果然,就在血網徹底崩潰的那一刻,一道凝練到極致的土黃色劍罡從方寒身後劈出,如同一條怒龍般咆哮著斬向血無極的頭頂。
白守拙終於出手了。
這個白髮老者一直在等待最佳的出手時機,他雖然是堪比七階巔峰的武道天人,但畢竟身上有傷,戰力受損嚴重,無法像方寒那樣與血無極展開長時間的高強度對抗。
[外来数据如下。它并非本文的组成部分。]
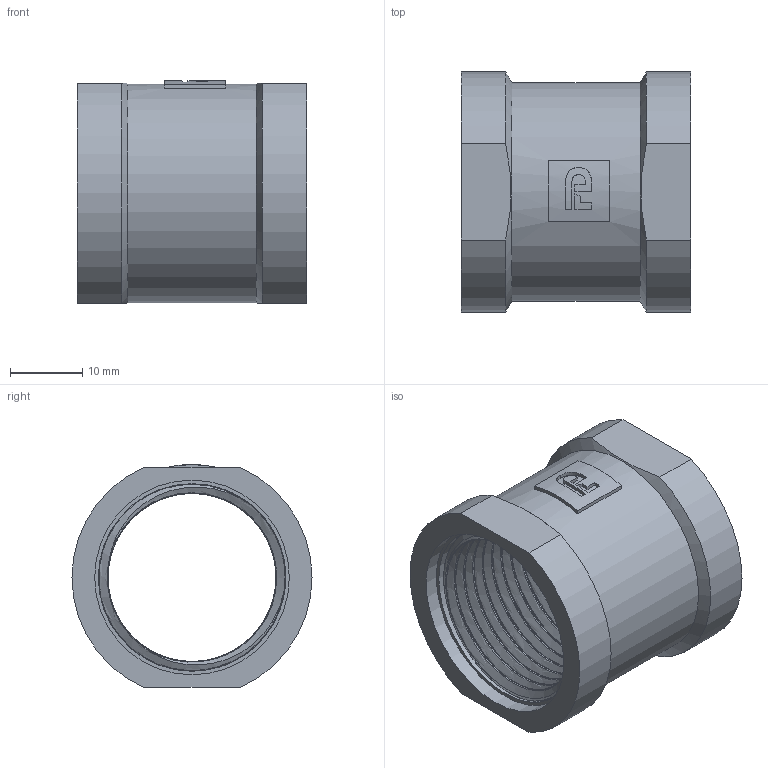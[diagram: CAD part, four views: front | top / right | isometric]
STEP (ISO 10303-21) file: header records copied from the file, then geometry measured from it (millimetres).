
FILE_DESCRIPTION(/* description */ (''),/* implementation_level */ '2;1');
FILE_NAME(/* name */ 'C:\Users\Doom\Desktop\Фадотех\Резьба\M02 17.03.2020\M02 17.03.2020.stp',/* time_stamp */ '2021-12-22T00:46:26+02:00',/* author */ ('Doom'),/* organization */ (''),/* preprocessor_version */ 'ST-DEVELOPER v18',/* originating_system */ 'Autodesk Inventor 2020',/* authorisation */ '');
FILE_SCHEMA (('AUTOMOTIVE_DESIGN { 1 0 10303 214 3 1 1 }'));
Length unit declared in the file: millimetre
Products named in the file (1): M02 17.03.2020
Bounding box: 31.8 x 33.3 x 30.9 mm (x, y, z)
Volume: 10045.5 mm3; surface area: 13183.7 mm2
Topology: 2 solids, 2 shells, 70 faces, 187 edges, 126 vertices
Faces by surface type: cylinder 30, plane 28, bspline 10, cone 2
Full cylindrical faces by diameter (mm): 23.31 x16, 26 x2, 27 x2, 30.3 x1
Entity records: 10296 total; most frequent: CARTESIAN_POINT 8590, ORIENTED_EDGE 374, DIRECTION 302, EDGE_CURVE 187, VERTEX_POINT 126, AXIS2_PLACEMENT_3D 115, EDGE_LOOP 79, LINE 72

所以他一直在積蓄力量,將體內所有的劍道罡氣都壓縮到自己的長劍之中,只等方寒破開血網的瞬間,給血無極致命一擊。
武道天人的戰鬥方式與蠱仙截然不同。
蠱仙依賴仙蠱和殺招,以法則之力驅動天地靈氣進行攻擊,講究的是法則的運用和變化的精妙。
而武道天人走的是以武入道的路子,他們將天地法則融入自身的武道意志之中,以肉身和兵刃為媒介直接驅動法則,攻擊更加直接、更加霸道,雖然缺少蠱仙殺招那種千變萬化的玄妙,但在純粹的破壞力和爆發力上卻有過之而無不及。
白守拙這一劍,名為山嶽斷。
他的劍勢沉重如山,劍罡渾厚如岳,一劍斬下,就像是將一座萬丈高山的力量全部濃縮到了劍鋒之上。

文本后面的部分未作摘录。